The diagnosis of vertebral fractures using VFA is performed when there is a reduction of more than 20% in anterior, middle, and posterior height. The Genant method (semi-quantitative and visual inspection) is the most used to grade fractures: grade zero or normal, if there is no deformity; grade 1 or mild (20 to 25% reduction in vertebral height); grade 2 or moderate (25 to 40% reduction in vertebral height); and grade 3 or severe (reduction greater than 40% in vertebral height). Fractures are still classified as wedge, concave or crush according to the greatest reduction in height in the anterior, middle or posterior vertebral body, respectively.⁸8 Ginski TP, Newman ED, Hummel JL, Hummer M. Development and evaluation of a vertebral fracture assessment program using IVA and its integration with mobile DXA. J Clin Densitom. 2006; 9(1):72-7.^,¹²12 Genant HK, Wu CY, Van Kuijk C, Nevitt MC. Vertebral fracture assessment using a semiquantitative technique. J Bone Miner Res. 1993; 8(9):1137-48.
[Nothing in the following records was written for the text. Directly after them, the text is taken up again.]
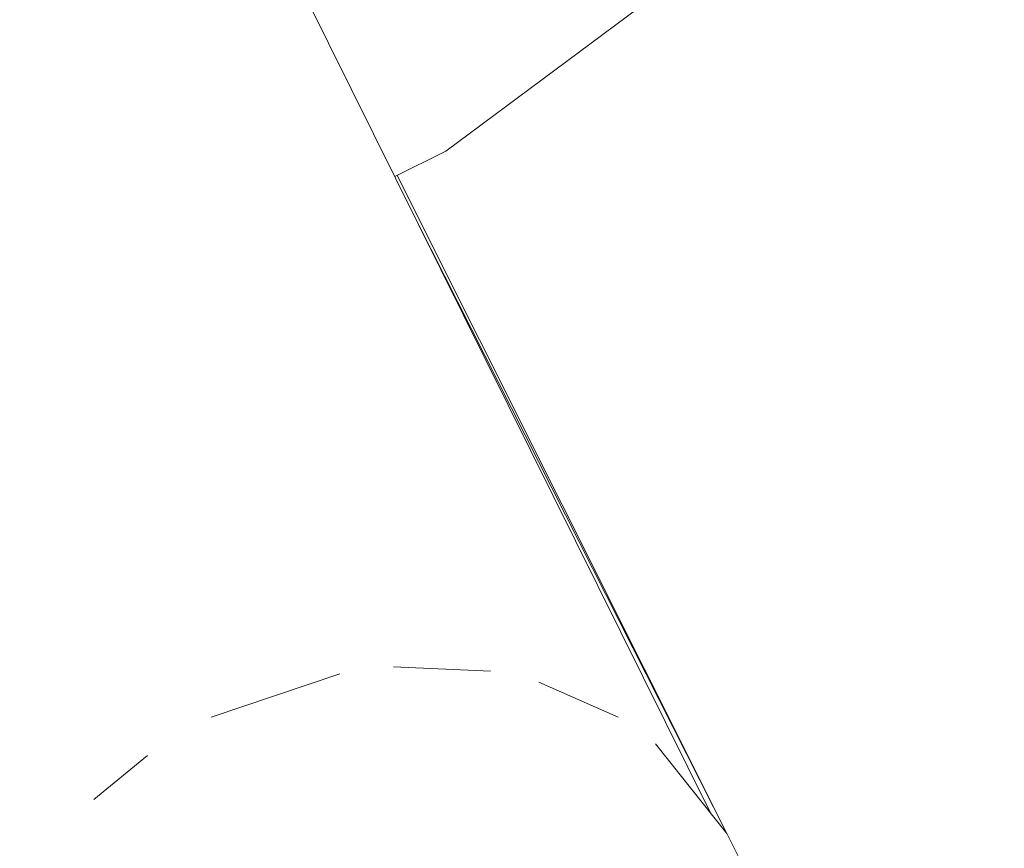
# Model space of a CAD drawing. Header units: metres. Extents: x 7472034 to 8439876, y 5890181 to 5961460.
# Tile 85 of 202: x 8439500.1286 to 8439500.1647, y 5890391.9475 to 5890391.9779. Entities that reach past the tile are written whole.
import ezdxf

# ---------------------------------------------------------------- set-up
doc = ezdxf.new("R2010")
doc.units = ezdxf.units.M
doc.header["$MEASUREMENT"] = 0
doc.linetypes.add('ACAD_ISO03W100', pattern=[30, 12, -18])
doc.layers.get('0').update_dxf_attribs({"linetype": 'CONTINUOUS', "lineweight": 5})
doc.layers.get('Defpoints').update_dxf_attribs({"linetype": 'CONTINUOUS'})
for name, color, linetype, lineweight in [('### Krawężnik', 6, 'CONTINUOUS', 35), ('_a_widok', 7, 'CONTINUOUS', 5), ('KOLOR-OBIEKT', 21, 'CONTINUOUS', 13), ('T_strefa-8', 20, 'ACAD_ISO03W100', 50), ('ZAG-obrys 018 wymiary', 7, 'CONTINUOUS', 18), ('ZAG-OBRYS013', 7, 'CONTINUOUS', 13)]:
    doc.layers.add(name, color=color, linetype=linetype, lineweight=lineweight)
doc.layers.add('100_rzut_wym_wew', color=7, linetype='CONTINUOUS')
doc.layers.add('2D - Ogólne', color=7, linetype='CONTINUOUS')
doc.layers.add('_IS_NO', color=11, linetype='CONTINUOUS', lineweight=20, plot=False)
doc.styles.add('DIM', font='simplex.shx', dxfattribs={"width": 0.8})
doc.styles.add('RS', font='Romans.shx', dxfattribs={"width": 0.7})
doc.dimstyles.new('DIM-WEW_500', dxfattribs={"dimscale": 5, "dimtxt": 18, "dimasz": 10, "dimexe": 4, "dimexo": 8, "dimgap": 5, "dimtad": 1, "dimlfac": 0.01, "dimzin": 9, "dimdsep": 46, "dimtxsty": 'DIM', "dimblk": 'ARCHTICK', "dimcen": 5, "dimclrt": 112, "dimadec": 4, "dimazin": 2, "dimtfac": 4, "dimtmove": 0, "dimatfit": 3, "dimldrblk": 'ARCHTICK', "dimfxl": 0, "dimtolj": 1, "dimlwd": 13, "dimarcsym": 0})
pattern_1 = [(45, (967499.202946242, -71042.94610979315), (-0.2245064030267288, 0.2245064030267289), []), (135, (967499.202946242, -71042.94610979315), (-0.2245064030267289, -0.2245064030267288), [])]
pattern_2 = [(45, (967499.2092647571, -71042.97165620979), (-0.2245064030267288, 0.2245064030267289), []), (135, (967499.2092647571, -71042.97165620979), (-0.2245064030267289, -0.2245064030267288), [])]

# ---------------------------------------------------------------- blocks, each defined once
blk = doc.blocks.new('A$C7D7B3C0A')
at = {"layer": '2D - Ogólne', "lineweight": 5}
for p, q in [((3.265796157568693, 6.588158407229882), (3.265796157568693, 6.586068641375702)), ((3.265796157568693, 6.588158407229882), (3.265796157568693, 6.586068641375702)), ((3.265796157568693, 6.588158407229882), (3.265796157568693, 6.586068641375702)), ((3.265796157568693, 6.588158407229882), (3.265796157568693, 6.586068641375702)), ((3.265796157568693, 6.588158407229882), (3.265796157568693, 6.586068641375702)), ((3.265796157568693, 6.588158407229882), (3.265796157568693, 6.586068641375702)), ((3.265796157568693, 6.588158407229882), (3.265796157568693, 6.586068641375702)), ((3.265796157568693, 6.588158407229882), (3.265796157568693, 6.586068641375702)), ((3.265796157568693, 6.588158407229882), (3.265796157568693, 6.586068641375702)), ((3.265796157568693, 6.588158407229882), (3.265796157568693, 6.586068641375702)), ((3.265796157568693, 6.588158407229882), (3.265796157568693, 6.586068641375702)), ((3.242364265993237, 6.586158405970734), (3.291836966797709, 6.585968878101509)), ((3.242364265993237, 6.586158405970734), (3.291836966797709, 6.585968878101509)), ((3.242364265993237, 6.586158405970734), (3.291836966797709, 6.585968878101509)), ((3.242364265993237, 6.586158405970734), (3.291836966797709, 6.585968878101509)), ((3.242364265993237, 6.586158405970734), (3.291836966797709, 6.585968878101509)), ((3.242364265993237, 6.586158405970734), (3.291836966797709, 6.585968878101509)), ((3.242364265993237, 6.586158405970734), (3.291836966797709, 6.585968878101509)), ((3.242364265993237, 6.586158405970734), (3.291836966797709, 6.585968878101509)), ((3.242364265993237, 6.586158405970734), (3.291836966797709, 6.585968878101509)), ((3.242364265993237, 6.586158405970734), (3.291836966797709, 6.585968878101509)), ((3.242364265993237, 6.586158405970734), (3.291836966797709, 6.585968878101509)), ((3.265796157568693, 6.586158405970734), (3.292817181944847, 6.586158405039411)), ((3.265796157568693, 6.586158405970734), (3.292817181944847, 6.586158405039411)), ((3.265796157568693, 6.586158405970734), (3.292817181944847, 6.586158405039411)), ((3.265796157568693, 6.586158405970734), (3.292817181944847, 6.586158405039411)), ((3.265796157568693, 6.586158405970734), (3.292817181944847, 6.586158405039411)), ((3.265796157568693, 6.586158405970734), (3.292817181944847, 6.586158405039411)), ((3.265796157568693, 6.586158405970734), (3.292817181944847, 6.586158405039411)), ((3.265796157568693, 6.586158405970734), (3.292817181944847, 6.586158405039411)), ((3.265796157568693, 6.586158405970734), (3.292817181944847, 6.586158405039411)), ((3.265796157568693, 6.586158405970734), (3.292817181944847, 6.586158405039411)), ((3.265796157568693, 6.586158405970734), (3.292817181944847, 6.586158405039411)), ((3.292817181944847, 6.586158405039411), (3.267676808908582, 6.58606143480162)), ((3.292817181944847, 6.586158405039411), (3.267676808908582, 6.58606143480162)), ((3.292817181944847, 6.586158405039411), (3.267676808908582, 6.58606143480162)), ((3.292817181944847, 6.586158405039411), (3.267676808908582, 6.58606143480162)), ((3.292817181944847, 6.586158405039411), (3.267676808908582, 6.58606143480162)), ((3.292817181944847, 6.586158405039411), (3.267676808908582, 6.58606143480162)), ((3.292817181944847, 6.586158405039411), (3.267676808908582, 6.58606143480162)), ((3.292817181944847, 6.586158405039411), (3.267676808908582, 6.58606143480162)), ((3.292817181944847, 6.586158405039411), (3.267676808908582, 6.58606143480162)), ((3.292817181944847, 6.586158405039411), (3.267676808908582, 6.58606143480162)), ((3.292817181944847, 6.586158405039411), (3.267676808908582, 6.58606143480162)), ((3.310000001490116, 6.586158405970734), (3.292817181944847, 6.586158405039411)), ((3.310000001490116, 6.586158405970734), (3.292817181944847, 6.586158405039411)), ((3.310000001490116, 6.586158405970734), (3.292817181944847, 6.586158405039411)), ((3.310000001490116, 6.586158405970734), (3.292817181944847, 6.586158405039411)), ((3.310000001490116, 6.586158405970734), (3.292817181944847, 6.586158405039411)), ((3.310000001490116, 6.586158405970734), (3.292817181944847, 6.586158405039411)), ((3.310000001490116, 6.586158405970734), (3.292817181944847, 6.586158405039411)), ((3.310000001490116, 6.586158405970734), (3.292817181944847, 6.586158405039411)), ((3.310000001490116, 6.586158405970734), (3.292817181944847, 6.586158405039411)), ((3.310000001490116, 6.586158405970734), (3.292817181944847, 6.586158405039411)), ((3.310000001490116, 6.586158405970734), (3.292817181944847, 6.586158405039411))]:
    blk.add_line(p, q, dxfattribs=at)
for points in [[(3.265796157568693, 6.588158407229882), (3.263290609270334, 6.60230054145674), (3.257241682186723, 6.608158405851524)], [(3.265796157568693, 6.588158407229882), (3.263290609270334, 6.60230054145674), (3.257241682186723, 6.608158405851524)], [(3.265796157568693, 6.588158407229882), (3.263290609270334, 6.60230054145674), (3.257241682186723, 6.608158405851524)], [(3.265796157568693, 6.588158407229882), (3.263290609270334, 6.60230054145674), (3.257241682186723, 6.608158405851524)], [(3.265796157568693, 6.588158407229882), (3.263290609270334, 6.60230054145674), (3.257241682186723, 6.608158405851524)], [(3.265796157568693, 6.588158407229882), (3.263290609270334, 6.60230054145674), (3.257241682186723, 6.608158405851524)], [(3.265796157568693, 6.588158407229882), (3.263290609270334, 6.60230054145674), (3.257241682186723, 6.608158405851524)], [(3.265796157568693, 6.588158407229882), (3.263290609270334, 6.60230054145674), (3.257241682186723, 6.608158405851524)], [(3.265796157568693, 6.588158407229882), (3.263290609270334, 6.60230054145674), (3.257241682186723, 6.608158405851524)], [(3.265796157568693, 6.588158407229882), (3.263290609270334, 6.60230054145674), (3.257241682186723, 6.608158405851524)], [(3.265796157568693, 6.588158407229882), (3.263290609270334, 6.60230054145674), (3.257241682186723, 6.608158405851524)], [(3.288705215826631, 6.585293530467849), (3.292817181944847, 6.586158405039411)], [(3.288705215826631, 6.585293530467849), (3.292817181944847, 6.586158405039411)], [(3.288705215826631, 6.585293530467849), (3.292817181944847, 6.586158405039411)], [(3.288705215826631, 6.585293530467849), (3.292817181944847, 6.586158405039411)], [(3.288705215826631, 6.585293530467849), (3.292817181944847, 6.586158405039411)], [(3.288705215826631, 6.585293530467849), (3.292817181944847, 6.586158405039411)], [(3.288705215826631, 6.585293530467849), (3.292817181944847, 6.586158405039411)], [(3.288705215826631, 6.585293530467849), (3.292817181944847, 6.586158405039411)], [(3.288705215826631, 6.585293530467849), (3.292817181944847, 6.586158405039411)], [(3.288705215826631, 6.585293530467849), (3.292817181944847, 6.586158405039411)], [(3.288705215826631, 6.585293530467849), (3.292817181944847, 6.586158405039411)], [(3.284759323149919, 6.582482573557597), (3.287208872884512, 6.584504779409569)], [(3.284759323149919, 6.582482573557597), (3.287208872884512, 6.584504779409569)], [(3.284759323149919, 6.582482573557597), (3.287208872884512, 6.584504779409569)], [(3.284759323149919, 6.582482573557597), (3.287208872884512, 6.584504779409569)], [(3.284759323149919, 6.582482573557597), (3.287208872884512, 6.584504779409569)], [(3.284759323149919, 6.582482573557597), (3.287208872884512, 6.584504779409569)], [(3.284759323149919, 6.582482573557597), (3.287208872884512, 6.584504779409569)], [(3.284759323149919, 6.582482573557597), (3.287208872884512, 6.584504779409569)], [(3.284759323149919, 6.582482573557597), (3.287208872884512, 6.584504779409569)], [(3.284759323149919, 6.582482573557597), (3.287208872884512, 6.584504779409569)], [(3.284759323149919, 6.582482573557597), (3.287208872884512, 6.584504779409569)], [(3.28186640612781, 6.577961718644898), (3.283602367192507, 6.581080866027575)], [(3.28186640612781, 6.577961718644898), (3.283602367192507, 6.581080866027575)], [(3.28186640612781, 6.577961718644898), (3.283602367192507, 6.581080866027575)], [(3.28186640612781, 6.577961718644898), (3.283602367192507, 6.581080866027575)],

The aim of this study was to determine the prevalence of asymptomatic vertebral fractures in patients with reduced bone mass using the VFA, and to analyze associated factors.

Methods

This is an observational and retrospective study in 135 patients aged 18 years or older who underwent spine and proximal femur bone densitometry (Explorer, Hollogic^®) and had low bone mass (T score < or equal to -2,00 SD) in at least one bone densitometry site. The VFA exam was performed concurrently with densitometry. The study was conducted at a clinic in the city of Blumenau (state of Santa Catarina) from September 2011 to March 2012.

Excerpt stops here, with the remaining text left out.